Third, **Compound Your Wisdom.** This means actively reflecting on and documenting what you’ve learned. Dan said he’s been doing this for a decade. By codifying his frameworks, he not only understands them better himself, but he also creates tools to help others. This is what makes you incredibly valuable in your 40s: **“the experience to come into a situation and see in 30 minutes identify the three things that that founder... can do to change to 10x their growth because you've seen it so many times before.”**
The rule of thumb for your 40s is: **“let your money work harder than you ever did. Your job is strategy, not execution.”**
But Dan didn’t stop there. He introduced a final level that, I’ll be honest, moved me. He called it **“your legacy years.”**
He said, **“Here's what nobody tells you about getting rich. There's actually a level beyond the money.”** This is where you stop using your success for accumulation and start using it for impact. It’s a fundamental shift in purpose. **“It's understanding that when you decide to teach everything you've ever learned to the next generation, then you'll feel fulfilled.”**
Dan shared that he runs a program called Kings Club, mentoring 100 kids a month, visits crisis centers, and speaks in prisons.
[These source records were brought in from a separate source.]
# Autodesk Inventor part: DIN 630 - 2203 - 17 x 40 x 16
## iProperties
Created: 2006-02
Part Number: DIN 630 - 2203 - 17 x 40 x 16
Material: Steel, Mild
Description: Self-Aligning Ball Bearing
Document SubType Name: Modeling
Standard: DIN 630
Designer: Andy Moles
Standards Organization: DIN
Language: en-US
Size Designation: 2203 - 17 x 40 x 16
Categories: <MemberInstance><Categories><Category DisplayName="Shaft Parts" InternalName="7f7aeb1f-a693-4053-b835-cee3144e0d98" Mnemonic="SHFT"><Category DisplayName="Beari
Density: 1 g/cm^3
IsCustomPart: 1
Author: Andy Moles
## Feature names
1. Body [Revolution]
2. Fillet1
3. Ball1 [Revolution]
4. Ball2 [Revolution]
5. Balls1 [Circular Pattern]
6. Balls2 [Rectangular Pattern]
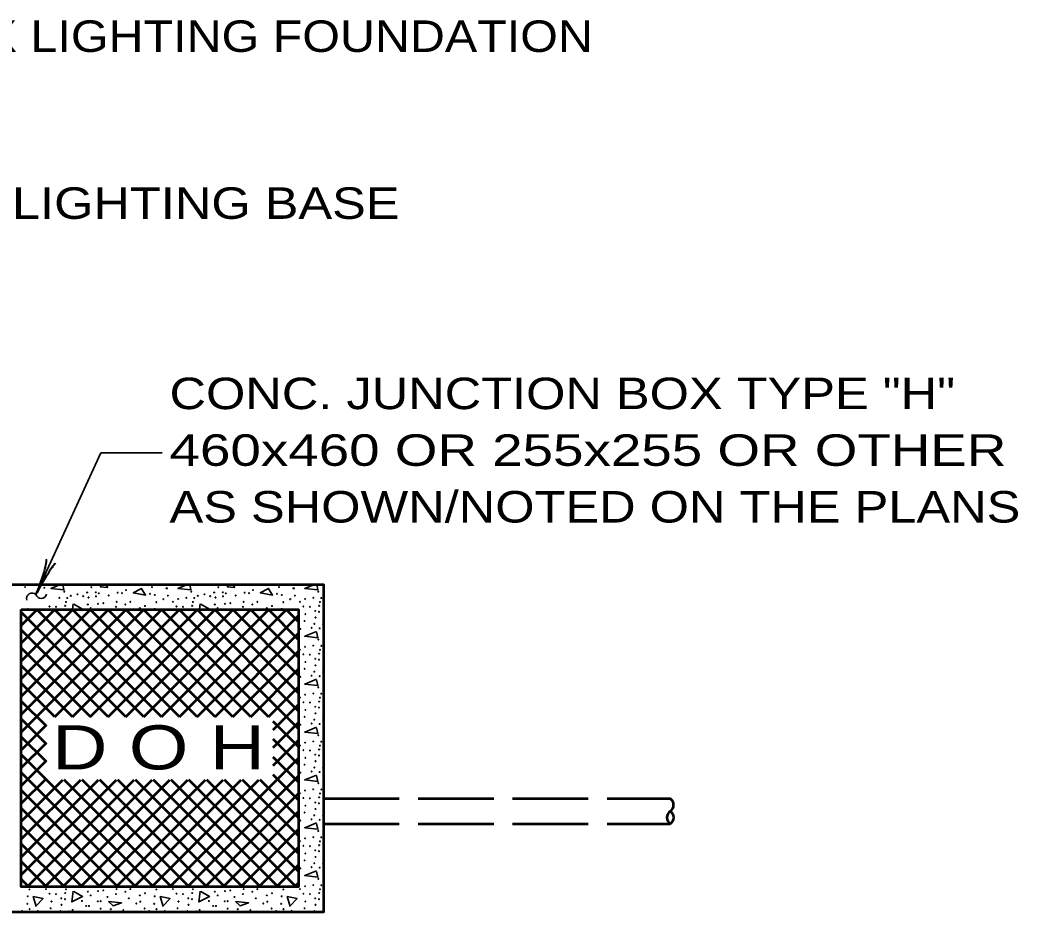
# Model space of a CAD drawing. Extents: x -24 to 689, y -7 to 446.
# Drawn here: x 391.4 to 470.6, y 78.6 to 149.4 of the extents above; entities that cross this region are included whole.
import ezdxf
from ezdxf.enums import TextEntityAlignment as Align

# ---------------------------------------------------------------- set-up
doc = ezdxf.new("R2010")
doc.units = 0
doc.linetypes.add('LONG_DASHED', pattern=[7.5, 6, -1.5])
doc.layers.add('1', color=7, linetype='Continuous', lineweight=35)

msp = doc.modelspace()

# ---------------------------------------------------------------- linework, layer by layer
at = {"layer": '1'}
for p, q in [((392.647, 103.805), (397.796, 115.046)), ((402.654, 115.046), (397.796, 115.046)), ((395.546, 102.608), (395.61, 103.056)), ((405.626, 102.608), (405.69, 103.056))]:
    msp.add_line(p, q, dxfattribs=at)
at = {"layer": '1', "lineweight": 53}
for p, q in [((391.486, 101.358), (392.736, 102.608)), ((391.486, 99.944), (394.15, 102.608)), ((391.486, 98.53), (395.564, 102.608)), ((391.486, 97.115), (396.979, 102.608)), ((391.486, 95.701), (398.393, 102.608)), ((391.486, 94.287), (399.807, 102.608)), ((391.486, 92.873), (401.221, 102.608)), ((399.795, 94.108), (391.486, 102.418)), ((401.21, 94.108), (392.71, 102.608)), ((402.624, 94.108), (394.124, 102.608)), ((394.135, 94.108), (402.635, 102.608)), ((404.038, 94.108), (395.538, 102.608)), ((395.55, 94.108), (404.05, 102.608)), ((405.452, 94.108), (396.952, 102.608)), ((396.964, 94.108), (405.464, 102.608)), ((406.866, 94.108), (398.366, 102.608)), ((398.378, 94.108), (406.878, 102.608)), ((408.281, 94.108), (399.781, 102.608)), ((399.792, 94.108), (408.292, 102.608)), ((409.695, 94.108), (401.195, 102.608)), ((401.207, 94.108), (409.707, 102.608)), ((411.109, 94.108), (402.609, 102.608)), ((402.621, 94.108), (411.121, 102.608)), ((413.486, 93.146), (404.023, 102.608)), ((404.035, 94.108), (412.535, 102.608)), ((413.486, 94.56), (405.438, 102.608)), ((413.486, 95.974), (406.852, 102.608)), ((413.486, 97.388), (408.266, 102.608)), ((413.486, 98.803), (409.68, 102.608)), ((413.486, 100.217), (411.094, 102.608)), ((413.486, 101.631), (412.509, 102.608)), ((405.449, 94.108), (413.486, 102.145)), ((398.381, 94.108), (391.486, 101.004)), ((406.863, 94.108), (413.486, 100.731)), ((396.967, 94.108), (391.486, 99.589)), ((408.278, 94.108), (413.486, 99.317)), ((395.553, 94.108), (391.486, 98.175)), ((409.692, 94.108), (413.486, 97.902)), ((394.138, 94.108), (391.486, 96.761)), ((411.106, 94.108), (413.486, 96.488)), ((393.486, 93.347), (391.486, 95.347)), ((411.486, 93.074), (413.486, 95.074)), ((393.486, 91.933), (391.486, 93.933)), ((413.486, 91.732), (411.486, 93.732)), ((411.486, 91.66), (413.486, 93.66)), ((391.486, 91.459), (393.486, 93.459)), ((393.486, 90.518), (391.486, 92.518)), ((391.486, 90.044), (393.486, 92.044)), ((413.486, 90.317), (411.486, 92.317)), ((411.486, 90.245), (413.486, 92.245)), ((401.982, 80.608), (391.486, 91.104)), ((391.486, 88.63), (393.486, 90.63)), ((403.263, 80.608), (413.486, 90.831)), ((413.486, 88.903), (411.486, 90.903)), ((400.567, 80.608), (391.486, 89.69)), ((391.486, 87.216), (393.486, 89.216)), ((391.486, 85.802), (394.792, 89.108)), ((391.486, 84.388), (396.207, 89.108)), ((391.486, 82.973), (397.621, 89.108)), ((391.486, 81.559), (399.035, 89.108)), ((391.949, 80.608), (400.449, 89.108)), ((393.363, 80.608), (401.863, 89.108)), ((394.778, 80.608), (403.278, 89.108)), ((403.396, 80.608), (394.896, 89.108)), ((396.192, 80.608), (404.692, 89.108)), ((404.81, 80.608), (396.31, 89.108)), ((397.606, 80.608), (406.106, 89.108)), ((406.224, 80.608), (397.724, 89.108)), ((399.02, 80.608), (407.52, 89.108)), ((407.638, 80.608), (399.138, 89.108)), ((400.435, 80.608), (408.935, 89.108)), ((409.053, 80.608), (400.553, 89.108)), ((401.849, 80.608), (410.349, 89.108)), ((410.467, 80.608), (401.967, 89.108)), ((411.881, 80.608), (403.381, 89.108)), ((404.677, 80.608), (413.486, 89.417)), ((413.295, 80.608), (404.795, 89.108)), ((413.486, 81.832), (406.21, 89.108)), ((413.486, 83.246), (407.624, 89.108)), ((413.486, 84.66), (409.038, 89.108)), ((413.486, 86.075), (410.452, 89.108)), ((413.486, 87.489), (411.486, 89.489)), ((399.153, 80.608), (391.486, 88.276)), ((406.091, 80.608), (413.486, 88.003)), ((397.739, 80.608), (391.486, 86.861)), ((407.506, 80.608), (413.486, 86.589)), ((396.325, 80.608), (391.486, 85.447)), ((408.92, 80.608), (413.486, 85.174)), ((394.911, 80.608), (391.486, 84.033)), ((410.334, 80.608), (413.486, 83.76)), ((393.496, 80.608), (391.486, 82.619)), ((411.748, 80.608), (413.486, 82.346)), ((392.082, 80.608), (391.486, 81.205)), ((413.162, 80.608), (413.486, 80.932))]:
    msp.add_line(p, q, dxfattribs=at)
at = {"layer": '1', "linetype": 'LONG_DASHED', "lineweight": 53}
for p, q in [((415.486, 87.608), (442.986, 87.608)), ((415.486, 85.608), (442.986, 85.608))]:
    msp.add_line(p, q, dxfattribs=at)
at = {"layer": '1', "lineweight": 53}
for points in [[(389.486, 78.608), (389.486, 104.608), (415.486, 104.608), (415.486, 78.608)], [(391.486, 102.608), (413.486, 102.608), (413.486, 80.608), (391.486, 80.608)]]:
    msp.add_lwpolyline(points, close=True, dxfattribs=at)
at = {"layer": '1'}
for points in [[(394.602, 104.608), (393.83, 104.296), (394.87, 104.176), (394.776, 104.608)], [(397.933, 104.608), (397.75, 104.416), (398.33, 104.376), (398.214, 104.608)], [(404.682, 104.608), (403.91, 104.296), (404.95, 104.176), (404.856, 104.608)], [(408.012, 104.608), (407.83, 104.416), (408.41, 104.376), (408.294, 104.608)], [(414.762, 104.608), (413.99, 104.296), (415.03, 104.176), (414.936, 104.608)], [(401.03, 104.296), (400.37, 103.936), (401.35, 103.756), (400.99, 104.316)], [(411.11, 104.296), (410.45, 103.936), (411.43, 103.756), (411.07, 104.316)], [(395.65, 103.036), (396.35, 102.636), (396.293, 102.608)], [(405.73, 103.036), (406.43, 102.636), (406.373, 102.608)], [(392.438, 102.608), (392.43, 102.636), (392.566, 102.608)], [(402.518, 102.608), (402.51, 102.636), (402.646, 102.608)], [(412.598, 102.608), (412.59, 102.636), (412.726, 102.608)], [(414.93, 100.876), (413.99, 100.496), (415.03, 100.376), (414.93, 100.836)], [(414.93, 97.076), (413.99, 96.696), (415.03, 96.576), (414.93, 97.036)], [(414.93, 93.276), (413.99, 92.896), (415.03, 92.776), (414.93, 93.236)], [(414.93, 89.476), (413.99, 89.096), (415.03, 88.976), (414.93, 89.436)], [(414.93, 85.676), (413.99, 85.296), (415.03, 85.176), (414.93, 85.636)], [(414.93, 81.876), (413.99, 81.496), (415.03, 81.376), (414.93, 81.836)], [(395.65, 80.236), (396.35, 79.836), (395.49, 79.416), (395.61, 80.256)], [(405.73, 80.236), (406.43, 79.836), (405.57, 79.416), (405.69, 80.256)], [(392.67, 79.036), (392.43, 79.836), (393.21, 79.676), (392.65, 79.076)], [(402.75, 79.036), (402.51, 79.836), (403.29, 79.676), (402.73, 79.076)], [(412.83, 79.036), (412.59, 79.836), (413.37, 79.676), (412.81, 79.076)]]:
    msp.add_lwpolyline(points, dxfattribs=at)
for points in [[(398.41, 79.456), (399.45, 79.336), (398.77, 79.096)], [(408.49, 79.456), (409.53, 79.336), (408.85, 79.096)]]:
    msp.add_lwpolyline(points, close=True, dxfattribs=at)
for centre in [(395.534, 104.555), (396.369, 104.568), (405.614, 104.555), (406.449, 104.568), (391.784, 104.396), (392.923, 104.303), (393.315, 104.345), (394.898, 104.038), (395.945, 103.826), (396.714, 103.972), (397.045, 104.383), (397.403, 103.985), (397.636, 103.906), (399.133, 103.959), (399.478, 103.919), (399.796, 104.158), (401.705, 103.866), (401.864, 104.396), (402.089, 103.773), (403.003, 104.303), (403.056, 104.303), (404.978, 104.038), (406.025, 103.826), (406.794, 103.972), (407.125, 104.383), (407.483, 103.985), (407.716, 103.906), (409.213, 103.959), (409.558, 103.919), (409.876, 104.158), (411.785, 103.866), (411.944, 104.396), (412.169, 103.773), (413.083, 104.303), (413.136, 104.303), (415.058, 104.038), (394.5, 103.548), (395.031, 103.216), (395.137, 103.534), (395.415, 103.707), (396.396, 103.68), (396.767, 103.017), (396.82, 103.574), (397.416, 103.667), (397.575, 103.07), (397.994, 103.123), (398.418, 103.733), (399.054, 103.229), (399.743, 103.017), (400.141, 103.229), (402.208, 103.203), (402.752, 103.442), (403.123, 103.72), (403.52, 103.229), (403.931, 103.455), (404.58, 103.548), (405.111, 103.216), (405.217, 103.534), (405.495, 103.707), (406.476, 103.68), (406.847, 103.017), (406.9, 103.574), (407.496, 103.667), (407.655, 103.07), (408.074, 103.123), (408.498, 103.733), (409.134, 103.229), (409.823, 103.017), (410.221, 103.229), (412.288, 103.203), (412.832, 103.442), (413.203, 103.72), (413.6, 103.229), (414.011, 103.455), (414.66, 103.548), (415.191, 103.216), (415.297, 103.534), (391.996, 102.659), (393.719, 102.858), (394.235, 102.832), (394.964, 102.911), (396.992, 102.726), (399.001, 102.832), (400.896, 102.726), (401.307, 102.898), (402.076, 102.659), (403.799, 102.858), (404.315, 102.832), (405.044, 102.911), (407.072, 102.726), (409.081, 102.832), (410.976, 102.726), (411.387, 102.898), (412.156, 102.659), (413.879, 102.858), (414.038, 102.248), (414.395, 102.832), (414.819, 102.5), (415.111, 102.434), (415.124, 102.911), (413.971, 101.705), (414.74, 101.48), (414.833, 101.983), (415.442, 101.453), (413.64, 101.073), (414.528, 101.166), (415.164, 101.126), (415.058, 100.238), (413.6, 99.429), (413.879, 99.058), (414.011, 99.655), (414.395, 99.032), (414.66, 99.748), (415.124, 99.111), (415.191, 99.416), (415.297, 99.734), (414.038, 98.448), (414.819, 98.7), (415.111, 98.634), (413.971, 97.905), (414.74, 97.68), (414.833, 98.183), (415.442, 97.653), (413.64, 97.273), (414.528, 97.366), (415.164, 97.326), (414.011, 95.855), (414.66, 95.948), (415.058, 96.438), (415.297, 95.934), (413.6, 95.629), (413.879, 95.258), (414.395, 95.232), (415.124, 95.311), (415.191, 95.616), (414.038, 94.648), (414.819, 94.9), (414.833, 94.383), (415.111, 94.834), (413.64, 93.473), (413.971, 94.105), (414.528, 93.566), (414.74, 93.88), (415.164, 93.526), (415.442, 93.853), (414.011, 92.055), (414.66, 92.148), (415.058, 92.638), (415.297, 92.134), (413.6, 91.829), (413.879, 91.458), (414.395, 91.432), (414.819, 91.1), (415.124, 91.511), (415.191, 91.816), (413.971, 90.305), (414.038, 90.848), (414.833, 90.583), (415.111, 91.034), (413.64, 89.673), (414.528, 89.766), (414.74, 90.08), (415.164, 89.726), (415.442, 90.053), (415.058, 88.838), (413.6, 88.029), (414.011, 88.255), (414.66, 88.348), (415.191, 88.016), (415.297, 88.334), (413.879, 87.658), (414.395, 87.632), (414.819, 87.3), (415.111, 87.234), (415.124, 87.711), (413.971, 86.505), (414.038, 87.048), (414.833, 86.783), (413.64, 85.873), (414.528, 85.966), (414.74, 86.28), (415.164, 85.926), (415.442, 86.253), (415.058, 85.038), (413.6, 84.229), (414.011, 84.455), (414.66, 84.548), (415.191, 84.216), (415.297, 84.534), (413.879, 83.858), (414.038, 83.248), (414.395, 83.832), (414.819, 83.5), (415.111, 83.434), (415.124, 83.911), (413.971, 82.705), (414.74, 82.48), (414.833, 82.983), (415.442, 82.453), (413.64, 82.073), (414.528, 82.166), (415.164, 82.126), (415.058, 81.238), (392.128, 80.403), (393.44, 80.429), (393.719, 80.058), (394.235, 80.032), (394.964, 80.111), (395.031, 80.416), (396.767, 80.217), (397.575, 80.27), (397.994, 80.323), (399.001, 80.032), (399.054, 80.429), (399.743, 80.217), (400.141, 80.429), (401.307, 80.098), (402.208, 80.403), (403.52, 80.429), (403.799, 80.058), (404.315, 80.032), (405.044, 80.111), (405.111, 80.416), (406.847, 80.217), (407.655, 80.27), (408.074, 80.323), (409.081, 80.032), (409.134, 80.429), (409.823, 80.217), (410.221, 80.429), (411.387, 80.098), (412.288, 80.403), (413.6, 80.429), (413.879, 80.058), (414.011, 80.655), (414.395, 80.032), (414.66, 80.748), (415.124, 80.111), (415.191, 80.416), (415.297, 80.734), (391.956, 79.263), (391.996, 79.859), (393.878, 79.448), (394.659, 79.7), (394.951, 79.634), (396.303, 79.488), (396.992, 79.926), (397.555, 79.459), (397.782, 79.475), (398.325, 79.806), (400.021, 79.7), (400.618, 79.289), (400.896, 79.926), (400.936, 79.435), (402.036, 79.263), (402.076, 79.859), (403.958, 79.448), (404.739, 79.7), (405.031, 79.634), (406.383, 79.488), (407.072, 79.926), (407.635, 79.459), (407.862, 79.475), (408.405, 79.806), (410.101, 79.7), (410.698, 79.289), (410.976, 79.926), (411.016, 79.435), (412.116, 79.263), (412.156, 79.859), (414.038, 79.448), (414.819, 79.7), (415.111, 79.634), (391.558, 78.693), (392.141, 78.839), (392.791, 78.693), (393.811, 78.905), (394.58, 78.68), (394.673, 79.183), (395.282, 78.653), (395.561, 78.772), (396.634, 79.09), (396.86, 79.09), (397.782, 78.878), (398.59, 78.839), (399.584, 78.759), (401.28, 78.892), (401.638, 78.693), (402.221, 78.839), (402.871, 78.693), (403.891, 78.905), (404.66, 78.68), (404.753, 79.183), (405.362, 78.653), (405.641, 78.772), (406.714, 79.09), (406.94, 79.09), (407.862, 78.878), (408.67, 78.839), (409.664, 78.759), (411.36, 78.892), (411.718, 78.693), (412.301, 78.839), (412.951, 78.693), (413.971, 78.905), (414.74, 78.68), (414.833, 79.183), (415.442, 78.653)]:
    msp.add_circle(centre, 0.0265, dxfattribs=at)
for centre, radius, start, end in [((391.624, 104.608), 0.0265, 179.8468, 0.1532), ((392.3, 104.608), 0.0265, 179.8468, 0.1532), ((401.704, 104.608), 0.0265, 179.8468, 0.1532), ((402.38, 104.608), 0.0265, 179.8468, 0.1532), ((411.784, 104.608), 0.0265, 179.8468, 0.1532), ((412.46, 104.608), 0.0265, 179.8468, 0.1532), ((392.344, 103.488), 0.439, 46.31832, 196.9194), ((393.068, 103.93), 0.439, 196.46709, 347.06816), ((398.325, 102.606), 0.0265, 4.24531, 175.75469), ((408.405, 102.606), 0.0265, 4.24531, 175.75469), ((396.343, 78.587), 0.0265, 54.86427, 125.13573), ((397.323, 78.6), 0.0265, 18.43349, 161.56651), ((406.423, 78.587), 0.0265, 54.86427, 125.13573), ((407.403, 78.6), 0.0265, 18.43349, 161.56651)]:
    msp.add_arc(centre, radius, start, end, dxfattribs=at)
at = {"layer": '1', "lineweight": 53}
for centre, radius, start, end in [((442.678, 87.108), 0.587, 301.63189, 58.3681), ((443.333, 86.108), 0.609, 124.76549, 235.23451), ((442.704, 86.108), 0.574, 299.39122, 60.60878)]:
    msp.add_arc(centre, radius, start, end, dxfattribs=at)
at = {"layer": '1', "lineweight": 40}
for centre, major_axis, ratio, start_param, end_param in [((392.85, 104.912), (-0.602, -1.688), 0.122415, 0.896353, 3.141593), ((392.85, 104.912), (-0.602, -1.688), 0.122415, 0.896353, 3.141593), ((393.306, 104.736), (-0.891, -1.524), 0.07063, 3.140715, 5.41811), ((393.306, 104.736), (-0.891, -1.524), 0.07063, 3.140715, 5.41811)]:
    msp.add_ellipse(centre, major_axis=major_axis, ratio=ratio, start_param=start_param, end_param=end_param, dxfattribs=at)

# ---------------------------------------------------------------- texts
at = {"layer": '1'}
for s, height, width, p in [('TYPE X LIGHTING FOUNDATION', 2.5, 1.15, (407.164, 146.868)), ('TYPE X LIGHTING BASE', 2.5, 1.2, (398.435, 133.62)), ('D O H', 3.5, 1.3, (402.384, 89.926))]:
    msp.add_text(s, height=height, dxfattribs=dict(at, width=width)).set_placement(p, align=Align.CENTER)
for s, width, p in [('CONC. JUNCTION BOX TYPE "H"', 1.2, (403.251, 118.519)), ('460x460 OR 255x255 OR OTHER', 1.3, (403.251, 114.019)), ('AS SHOWN/NOTED ON THE PLANS ', 1.2, (403.251, 109.519))]:
    msp.add_text(s, height=2.5, dxfattribs=dict(at, width=width)).set_placement(p)

doc.saveas('drawing.dxf')

He does this because people did it for him. The rule for this stage is: **“this isn't about you getting richer, it's about making others rich in more ways than one.”**
This brought him to his final, profound point. **“This game of life was never about the money. It's about becoming the person along the journey.”** Wealth, true wealth, is the ability to improve your life, to get to a place where people want to learn from you, and for you to share that with them.
So, after learning all this from Dan Martell, I’m left with his closing questions, which I now pose to you, and to myself:
Is my skill really next level? Am I really world-class at what I do? Have I found ways to leverage that within my existing business or with a team? Have I found people I could partner with to create more without having to work harder?
And most importantly, the question that truly defines the endgame: **“Have I even considered that maybe sharing myself with the world is actually what it's all about?”**
It’s a powerful thought. It’s not about your age. It’s about playing the right level. Where are you playing today?